Sir Stephen Robert Tindall (born May 1951) is the founder of New Zealand retailer the Warehouse, the Warehouse Group, and the Tindall Foundation.

==Early life and education==
Tindall attended Bayswater Primary School then Takapuna Grammar School and has a diploma of management from the Auckland Institute of Technology.

== Business career==
Tindall founded the Warehouse in 1982 after 12 years with retailer George Court & Sons as merchandise director. In 2009 the Warehouse Group had sales of NZ$1.72 billion. In 2018, the Warehouse Group had 251 stores throughout New Zealand, The Warehouse, Warehouse Stationery, Noel Leeming, Torpedo7 and TheMarket stores.

==Philanthropy==
In 1995 Tindall and his wife, Margaret, set up the Tindall Foundation to provide help to New Zealanders in need.

==Honours and awards==
The New Zealand Herald named Tindall their Business Person of the Year for 1997, and the following year he was named the Deloitte–New Zealand Management magazine Executive of the Year

In the 1997 Queen's Birthday Honours, Tindall was appointed an Officer of the New Zealand Order of Merit, for services to business and the community. In the 2007 Queen's Birthday Honours, he was promoted to Distinguished Companion of the New Zealand Order of Merit, for services to business and the community. In 2009, following the restoration of titular honours by the New Zealand government, he accepted redesignation as a Knight Companion of the New Zealand Order of Merit. He was elevated to Knight Grand Companion of the New Zealand Order of Merit, for services to business, the community, and the environment, in the 2019 New Year Honours.
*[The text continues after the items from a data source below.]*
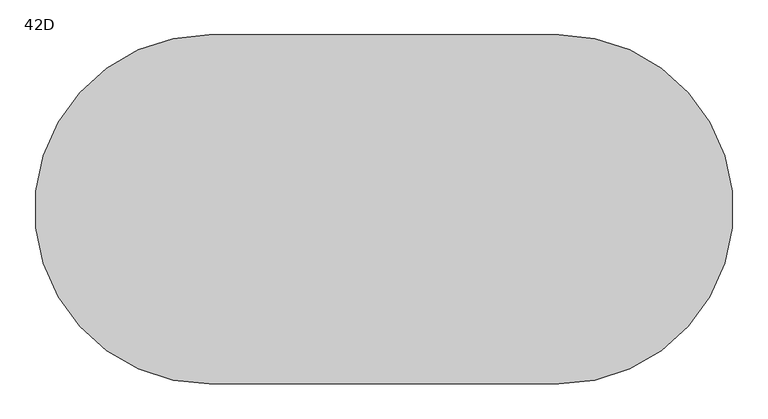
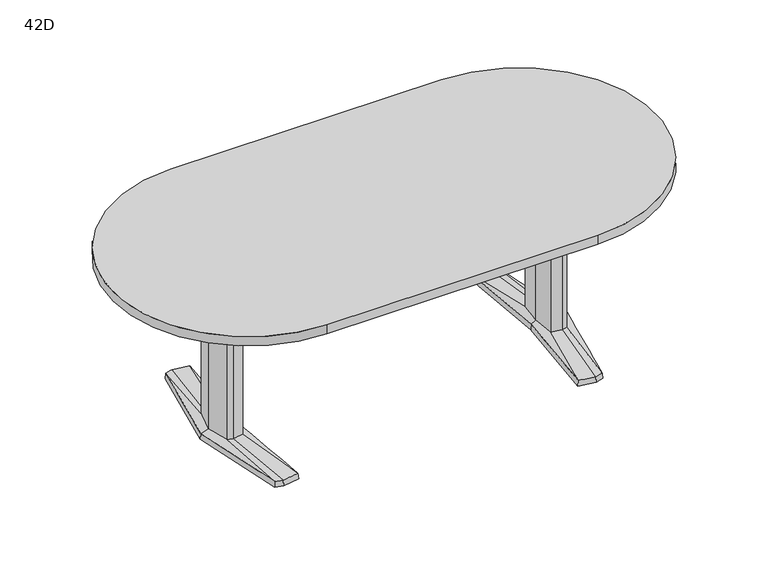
"""IFC4 building model written with IfcOpenShell, lengths in millimetres: furniture geometry, Coalesse_AM_Table_Conference_ETable2_Racetrack_84in_AluminiumBase : 42D."""

import ifcopenshell
import ifcopenshell.guid

model = None  # the IFC model being written
_history = None  # IfcOwnerHistory: only IFC2X3 demands one
_inside = {}  # id of a spatial element -> (the spatial element, [elements in it])
_under = {}  # id of a project, library or spatial element -> (it, [spatial elements below it])
_declared = {}  # id of a project -> (the project, [libraries it declares])
_typed = {}  # id of a type object -> (the type object, [elements of that type])
_made_of = {}  # id of a material, layer set ... -> (it, [elements and type objects made of it])


def new_model(schema):
    """Start an empty IFC model of exactly this schema.

    Asked for "IFC4X3", IfcOpenShell would pick the latest addendum, in which some entities
    have other attributes; the version numbers below select the first issue.
    IFC2X3 requires an IfcOwnerHistory on every rooted entity: one is made here for all.
    """
    global model, _history
    if schema == "IFC4X3":
        model = ifcopenshell.file(schema_version=(4, 3, 0, 0))
    else:
        model = ifcopenshell.file(schema=schema)
    _inside.clear()
    _under.clear()
    _declared.clear()
    _typed.clear()
    _made_of.clear()
    _history = None
    if model.schema == "IFC2X3":
        org = make("IfcOrganization", Name="unknown")
        user = make(
            "IfcPersonAndOrganization",
            ThePerson=make("IfcPerson", FamilyName="unknown"),
            TheOrganization=org,
        )
        app = make(
            "IfcApplication",
            ApplicationDeveloper=org,
            Version="unknown",
            ApplicationFullName="unknown",
            ApplicationIdentifier="unknown",
        )
        _history = make(
            "IfcOwnerHistory",
            OwningUser=user,
            OwningApplication=app,
            ChangeAction="ADDED",
            CreationDate=0,
        )
    return model


def make(cls, **values):
    """One entity of the class cls with the attributes given. An attribute that is None is left unset."""
    return model.create_entity(
        cls, **{name: value for name, value in values.items() if value is not None}
    )


def rooted(cls, **values):
    """An entity with a GlobalId (a new one), such as an element, a storey or a relation."""
    return make(cls, GlobalId=ifcopenshell.guid.new(), OwnerHistory=_history, **values)


def si_unit(unit_type, name, prefix=None):
    """IfcSIUnit, for example si_unit("LENGTHUNIT", "METRE", prefix="MILLI")."""
    return make("IfcSIUnit", UnitType=unit_type, Prefix=prefix, Name=name)


def assignment(units):
    """IfcUnitAssignment: the units of a project."""
    return None if units is None else make("IfcUnitAssignment", Units=units)


def point(xyz):
    """IfcCartesianPoint."""
    return None if xyz is None else make("IfcCartesianPoint", Coordinates=xyz)


def direction(xyz):
    """IfcDirection."""
    return None if xyz is None else make("IfcDirection", DirectionRatios=xyz)


def frame(location, z_axis=None, x_axis=None):
    """IfcAxis2Placement3D, a coordinate frame: its origin and axes. An axis left out is left unset."""
    return make(
        "IfcAxis2Placement3D",
        Location=point(location),
        Axis=direction(z_axis),
        RefDirection=direction(x_axis),
    )


def frame_2d(location, x_axis=None):
    """IfcAxis2Placement2D, a coordinate frame in the plane: its origin and x axis."""
    return make(
        "IfcAxis2Placement2D", Location=point(location), RefDirection=direction(x_axis)
    )


def origin():
    """The frame at (0, 0, 0) with its axes left unset."""
    return frame((0.0, 0.0, 0.0))


def place(relative_to, where):
    """IfcLocalPlacement: puts the frame where relative to a parent placement (None: the world)."""
    return make(
        "IfcLocalPlacement", PlacementRelTo=relative_to, RelativePlacement=where
    )


def context(
    kind, dimensions, precision=None, world=None, true_north=None, identifier=None
):
    """IfcGeometricRepresentationContext, for example the 3D "Model" context."""
    return make(
        "IfcGeometricRepresentationContext",
        ContextIdentifier=identifier,
        ContextType=kind,
        CoordinateSpaceDimension=dimensions,
        Precision=precision,
        WorldCoordinateSystem=world,
        TrueNorth=true_north,
    )


def project(units=None, contexts=None):
    """IfcProject with its units and contexts."""
    return rooted(
        "IfcProject",
        Name="project",
        RepresentationContexts=contexts,
        UnitsInContext=assignment(units),
    )


def spatial(cls, under=None, at=None, **own):
    """A site, building, storey or space (cls), placed at a placement, below another one or the project."""
    s = rooted(cls, ObjectPlacement=at, **own)
    if under is not None:
        _under.setdefault(under.id(), (under, []))[1].append(s)
    return s


def polyline(points):
    """IfcPolyline through the points."""
    return make("IfcPolyline", Points=[point(p) for p in points])


def circle_curve(where, radius):
    """IfcCircle in the frame where."""
    return make("IfcCircle", Position=where, Radius=radius)


def trimmed(basis, trim1, trim2, sense, master):
    """IfcTrimmedCurve: the piece of a basis curve between two trims."""
    return make(
        "IfcTrimmedCurve",
        BasisCurve=basis,
        Trim1=trim1,
        Trim2=trim2,
        SenseAgreement=sense,
        MasterRepresentation=master,
    )


def segment(curve, same_sense, transition):
    """IfcCompositeCurveSegment."""
    return make(
        "IfcCompositeCurveSegment",
        Transition=transition,
        SameSense=same_sense,
        ParentCurve=curve,
    )


def composite_curve(segments, self_intersect=None):
    """IfcCompositeCurve: segments joined end to end."""
    return make("IfcCompositeCurve", Segments=segments, SelfIntersect=self_intersect)


def outline(outer, holes=None, kind="AREA"):
    """IfcArbitraryClosedProfileDef: a profile drawn as a closed curve; with holes, ...WithVoids."""
    if holes is None:
        return make("IfcArbitraryClosedProfileDef", ProfileType=kind, OuterCurve=outer)
    return make(
        "IfcArbitraryProfileDefWithVoids",
        ProfileType=kind,
        OuterCurve=outer,
        InnerCurves=holes,
    )


def extrude(swept, where, along, depth):
    """IfcExtrudedAreaSolid: the profile swept, set in the frame where, extruded along a direction by depth."""
    return make(
        "IfcExtrudedAreaSolid",
        SweptArea=swept,
        Position=where,
        ExtrudedDirection=direction(along),
        Depth=depth,
    )


def shape(context_of_items, identifier, shape_type, items):
    """IfcShapeRepresentation: the items that make up one representation, for example the "Body"."""
    return make(
        "IfcShapeRepresentation",
        ContextOfItems=context_of_items,
        RepresentationIdentifier=identifier,
        RepresentationType=shape_type,
        Items=items,
    )


def source(mapping_origin, context_of_items, identifier, shape_type, items):
    """IfcRepresentationMap: a shape defined once, which mapped items show again and again."""
    return make(
        "IfcRepresentationMap",
        MappingOrigin=mapping_origin,
        MappedRepresentation=shape(context_of_items, identifier, shape_type, items),
    )


def transform(
    local_origin,
    x_axis=None,
    y_axis=None,
    z_axis=None,
    scale=None,
    scale2=None,
    scale3=None,
    uniform=True,
):
    """IfcCartesianTransformationOperator3D, or its non-uniform kind. x_axis, y_axis, z_axis: its Axis1, 2, 3."""
    if uniform:
        return make(
            "IfcCartesianTransformationOperator3D",
            Axis1=direction(x_axis),
            Axis2=direction(y_axis),
            LocalOrigin=point(local_origin),
            Scale=scale,
            Axis3=direction(z_axis),
        )
    return make(
        "IfcCartesianTransformationOperator3DnonUniform",
        Axis1=direction(x_axis),
        Axis2=direction(y_axis),
        LocalOrigin=point(local_origin),
        Scale=scale,
        Axis3=direction(z_axis),
        Scale2=scale2,
        Scale3=scale3,
    )


def mapped(mapping_source, mapping_target):
    """IfcMappedItem: shows the shape of a source again, moved by a transform."""
    return make(
        "IfcMappedItem", MappingSource=mapping_source, MappingTarget=mapping_target
    )


def made_of(thing, what):
    """Note that an element or type object is made of a material, layer set ...; save() writes the relation."""
    if what is not None:
        _made_of.setdefault(what.id(), (what, []))[1].append(thing)
    return thing


def element(
    cls,
    number,
    at=None,
    inside=None,
    cuts=None,
    type_object=None,
    material=None,
    context=None,
    identifier="Body",
    shape_type=None,
    held_by="IfcProductDefinitionShape",
    body=None,
    shapes=None,
    **own,
):
    """One element of the class cls, such as IfcWall. Its Tag is "e" and its number.

    at: its placement. inside: the storey or other place that contains it. cuts: it is an
    opening in that element (IfcRelVoidsElement). A single representation is given by context,
    identifier, shape_type and body (its items); several are given by shapes. held_by: the class
    of the entity that holds the representations. save() writes the other relations.
    """
    e = rooted(cls, Tag="e%d" % number, ObjectPlacement=at, **own)
    if body is not None:
        shapes = [shape(context, identifier, shape_type, body)]
    if shapes is not None:
        e.Representation = make(held_by, Representations=shapes)
    if inside is not None:
        _inside.setdefault(inside.id(), (inside, []))[1].append(e)
    if cuts is not None:
        rooted(
            "IfcRelVoidsElement", RelatingBuildingElement=cuts, RelatedOpeningElement=e
        )
    if type_object is not None:
        _typed.setdefault(type_object.id(), (type_object, []))[1].append(e)
    return made_of(e, material)


def aggregate(whole, parts):
    """IfcRelAggregates: a whole, such as a stair, and the parts it consists of."""
    return rooted("IfcRelAggregates", RelatingObject=whole, RelatedObjects=parts)


def save(model, path):
    """Write the relations noted so far, then the file.

    IfcRelAggregates (storeys below a building ...), IfcRelContainedInSpatialStructure (elements
    in a storey), IfcRelDefinesByType, IfcRelAssociatesMaterial and IfcRelDeclares: one each for
    every whole, place, type object, material and project.
    """
    for whole, parts in _under.values():
        aggregate(whole, parts)
    for where, things in _inside.values():
        rooted(
            "IfcRelContainedInSpatialStructure",
            RelatedElements=things,
            RelatingStructure=where,
        )
    for kind, things in _typed.values():
        rooted("IfcRelDefinesByType", RelatedObjects=things, RelatingType=kind)
    for what, things in _made_of.values():
        rooted("IfcRelAssociatesMaterial", RelatedObjects=things, RelatingMaterial=what)
    for by, libraries in _declared.values():
        rooted("IfcRelDeclares", RelatingContext=by, RelatedDefinitions=libraries)
    model.write(path)


def plane_surface(at):
    """IfcPlane: the flat surface through the origin of the frame at, square to its z axis."""
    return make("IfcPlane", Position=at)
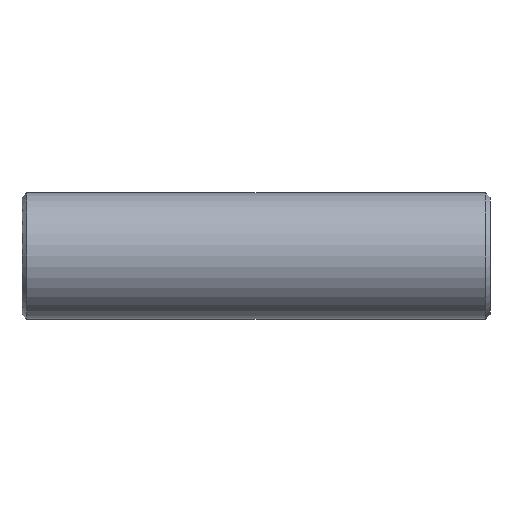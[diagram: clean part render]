
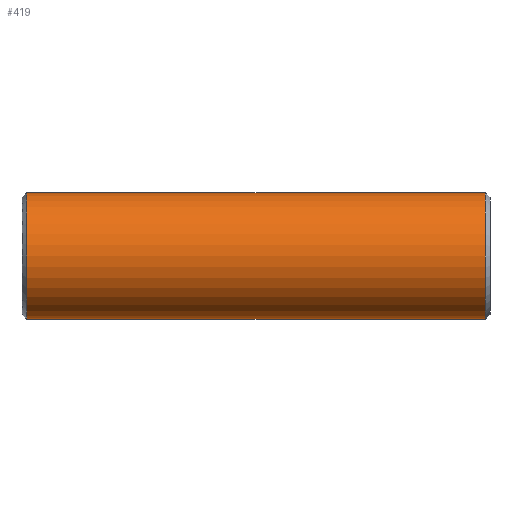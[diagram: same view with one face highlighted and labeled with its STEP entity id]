
A CAD part, front view. The second image highlights one B-rep face of the part: STEP entity #419.
In plain terms, the highlighted cylindrical face has radius 13 mm (diameter 26 mm), a partial arc.
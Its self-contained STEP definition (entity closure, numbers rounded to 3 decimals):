
#231=CARTESIAN_POINT('Vertex',(1.,0.,-13.)) ;
#238=CARTESIAN_POINT('Vertex',(1.,0.,13.)) ;
#267=CARTESIAN_POINT('Axis2P3D Location',(1.,0.,0.)) ;
#271=CARTESIAN_POINT('Vertex',(1.,-13.,0.)) ;
#274=CARTESIAN_POINT('Axis2P3D Location',(1.,0.,0.)) ;
#359=CARTESIAN_POINT('Line Origine',(96.,0.,13.)) ;
#363=CARTESIAN_POINT('Vertex',(95.,0.,13.)) ;
#377=CARTESIAN_POINT('Vertex',(95.,0.,-13.)) ;
#380=CARTESIAN_POINT('Line Origine',(96.,0.,-13.)) ;
#394=CARTESIAN_POINT('Axis2P3D Location',(96.,0.,0.)) ;
#399=CARTESIAN_POINT('Axis2P3D Location',(95.,0.,0.)) ;
#403=CARTESIAN_POINT('Vertex',(95.,-13.,0.)) ;
#406=CARTESIAN_POINT('Axis2P3D Location',(95.,0.,0.)) ;
#268=DIRECTION('Axis2P3D Direction',(1.,0.,-0.)) ;
#275=DIRECTION('Axis2P3D Direction',(1.,0.,-0.)) ;
#360=DIRECTION('Vector Direction',(-1.,0.,0.)) ;
#381=DIRECTION('Vector Direction',(-1.,0.,0.)) ;
#395=DIRECTION('Axis2P3D Direction',(-1.,-0.,-0.)) ;
#396=DIRECTION('Axis2P3D XDirection',(0.,0.,-1.)) ;
#400=DIRECTION('Axis2P3D Direction',(-1.,-0.,-0.)) ;
#407=DIRECTION('Axis2P3D Direction',(-1.,-0.,-0.)) ;
#269=AXIS2_PLACEMENT_3D('Circle Axis2P3D',#267,#268,$) ;
#276=AXIS2_PLACEMENT_3D('Circle Axis2P3D',#274,#275,$) ;
#397=AXIS2_PLACEMENT_3D('Cylinder Axis2P3D',#394,#395,#396) ;
#401=AXIS2_PLACEMENT_3D('Circle Axis2P3D',#399,#400,$) ;
#408=AXIS2_PLACEMENT_3D('Circle Axis2P3D',#406,#407,$) ;
#412=ORIENTED_EDGE('',*,*,#384,.T.) ;
#413=ORIENTED_EDGE('',*,*,#405,.F.) ;
#414=ORIENTED_EDGE('',*,*,#410,.F.) ;
#415=ORIENTED_EDGE('',*,*,#365,.T.) ;
#416=ORIENTED_EDGE('',*,*,#278,.T.) ;
#417=ORIENTED_EDGE('',*,*,#273,.T.) ;
#361=VECTOR('Line Direction',#360,1.) ;
#382=VECTOR('Line Direction',#381,1.) ;
#419=ADVANCED_FACE('352-18X96',(#418),#398,.T.) ;
#270=CIRCLE('generated circle',#269,13.) ;
#277=CIRCLE('generated circle',#276,13.) ;
#402=CIRCLE('generated circle',#401,13.) ;
#409=CIRCLE('generated circle',#408,13.) ;
#398=CYLINDRICAL_SURFACE('generated cylinder',#397,13.) ;
#273=EDGE_CURVE('',#272,#232,#270,.T.) ;
#278=EDGE_CURVE('',#239,#272,#277,.T.) ;
#365=EDGE_CURVE('',#364,#239,#362,.T.) ;
#384=EDGE_CURVE('',#232,#378,#383,.F.) ;
#405=EDGE_CURVE('',#404,#378,#402,.F.) ;
#410=EDGE_CURVE('',#364,#404,#409,.F.) ;
#411=EDGE_LOOP('',(#412,#413,#414,#415,#416,#417)) ;
#418=FACE_OUTER_BOUND('',#411,.T.) ;
#362=LINE('Line',#359,#361) ;
#383=LINE('Line',#380,#382) ;
#232=VERTEX_POINT('',#231) ;
#239=VERTEX_POINT('',#238) ;
#272=VERTEX_POINT('',#271) ;
#364=VERTEX_POINT('',#363) ;
#378=VERTEX_POINT('',#377) ;
#404=VERTEX_POINT('',#403) ;

Tindall has been conferred honorary doctorates by AUT and Massey University.

In 2005, Tindall was inducted into the New Zealand Business Hall of Fame. In 2006, he was awarded the Blake Medal on behalf of the Sir Peter Blake Trust in recognition of his leadership contributions to New Zealand. In 2015, he was named Kiwibank New Zealander of the Year.

Tindall is the immediate past chair of Emirates Team New Zealand, New Zealand's America's Cup sailing team. Under his watch they won and defended the Cup in 2017 and 2021.